● **Task**
Check each line of the material below for "taper". Report how many have it, with no other words.

● **Exercise data**
........

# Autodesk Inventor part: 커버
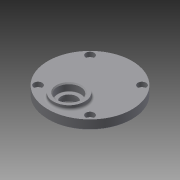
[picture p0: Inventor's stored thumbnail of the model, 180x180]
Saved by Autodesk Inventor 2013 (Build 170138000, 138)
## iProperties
Created: 2015-07
Part Number: 커버
Material: 일반
Document SubType Name: Modeling
Designer: user
Density: 1 g/cm^3
Author: user
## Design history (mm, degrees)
sketch "스케치1"
  geometry: C1 r 40 at (0, 0); 1 further point
  constraints: 1 centre point, 1 coincident
  dimensions: "d0" = 80 diameter of C1
extrude "돌출1" new body sketch "스케치1" distance "d1" = 9; taper "d2" = 0 deg
sketch "스케치2"
  geometry: L1 (0, 0)-(0, -20); C1 r 40 at (0, 0) reference; C2 r 15 at (0, -20)
  constraints: 2 end point, 1 centre point, 1 coincident, 1 vertical
  dimensions: "d3" = 20 distance of L1.start L1.end; "d4" = 30 diameter of C2
extrude "돌출2" join sketch "스케치2" distance "d5" = 4; taper "d6" = 0 deg
sketch "스케치3"
  geometry: L1 (0, 0)-(0, 11); L2 (0, 0)-(0, -20); C1 r 40 at (0, 0) reference; C2 r 14 at (0, 11); C3 r 14 at (0, -20)
  constraints: 4 end point, 2 centre point, 2 coincident, 1 collinear, 1 vertical
  dimensions: "d7" = 11 distance of L1.start L1.end; "d8" = 20 distance of L1.start L2.end; "d9" = 28 diameter of C2; "d10" = 28 diameter of C3
extrude "돌출3" join sketch "스케치3" distance "d11" = 3; taper "d12" = 0 deg
sketch "스케치4"
  geometry: C1 r 14 at (0, 0) reference; C2 r 14 at (0, -31) reference; C3 r 11 at (0, 0); 1 further point
  constraints: 1 centre point, 1 coincident
  dimensions: "d13" = 22 diameter of C3
extrude "돌출4" cut sketch "스케치4" distance "d14" = 7; taper "d15" = 0 deg
sketch "스케치5"
  geometry: C1 r 9 at (0, 0); 2 further points
  constraints: 1 centre point, 1 coincident, 1 vertical alignment
  dimensions: "d16" = 18 diameter of C1
extrude "돌출5" cut sketch "스케치5" distance "d17" = 1; taper "d18" = 0 deg
sketch "스케치6"
  geometry: C1 r 14 at (0, 0) reference; C2 r 11 at (0, 0); 1 further point
  constraints: 1 centre point, 1 coincident
  dimensions: "d19" = 22 diameter of C2
extrude "돌출6" cut sketch "스케치6" distance "d20" = 7; taper "d21" = 0 deg
sketch "스케치7"
  geometry: C1 r 11 at (0, 0) reference; C2 r 7.5 at (0, 0); 1 further point
  constraints: 1 centre point, 1 coincident
  dimensions: "d22" = 15 diameter of C2
extrude "돌출7" cut sketch "스케치7" distance "d23" = 2; taper "d24" = 0 deg
sketch "스케치8"
  geometry: C1 r 15 at (0, 0) reference; C2 r 11 at (0, 0); 1 further point
  constraints: 1 centre point, 1 coincident
  dimensions: "d25" = 22 diameter of C2
extrude "돌출8" cut sketch "스케치8" distance "d26" = 7; taper "d27" = 0 deg
fillet "모깎기1" dims "d28" = 2
fillet "모깎기2" dims "d29" = 0.3
fillet "모깎기3" dims "d30" = 2
chamfer "모따기1" distance "d31" = 1; stored, may be unused: second distance "d32" = 2, angle "d33" = 45 deg
chamfer "모따기2" distance "d34" = 1; stored, may be unused: second distance "d35" = 2, angle "d36" = 45 deg
sketch "스케치9" dims "d37" = 70
  geometry: L1 (0, 0)-(24.749, 24.749); L2 (0, 0)-(35, 0); C1 r 40 at (0, 0) reference; 1 further point
  constraints: 4 end point, 2 coincident, 1 equal length, 1 horizontal, 3 other
  dimensions: "d38" = 45 deg angle of L2 L1
hole "구멍1" sketch "스케치9" at (24.749, 24.749) diameter "d39" = 4.5; stored, may be unused: countersink angle "d43" = 90 deg, drill point angle "d45" = 0 deg; dims "d40" = 6, "d41" = 8, "d42" = 4.4, "d44" = 9
node "솔리드1"
pattern_circular "원형 패턴1" dims angle "d47" = 360 deg
node "절단 모서리 투영1"

........

● **Task answer**
8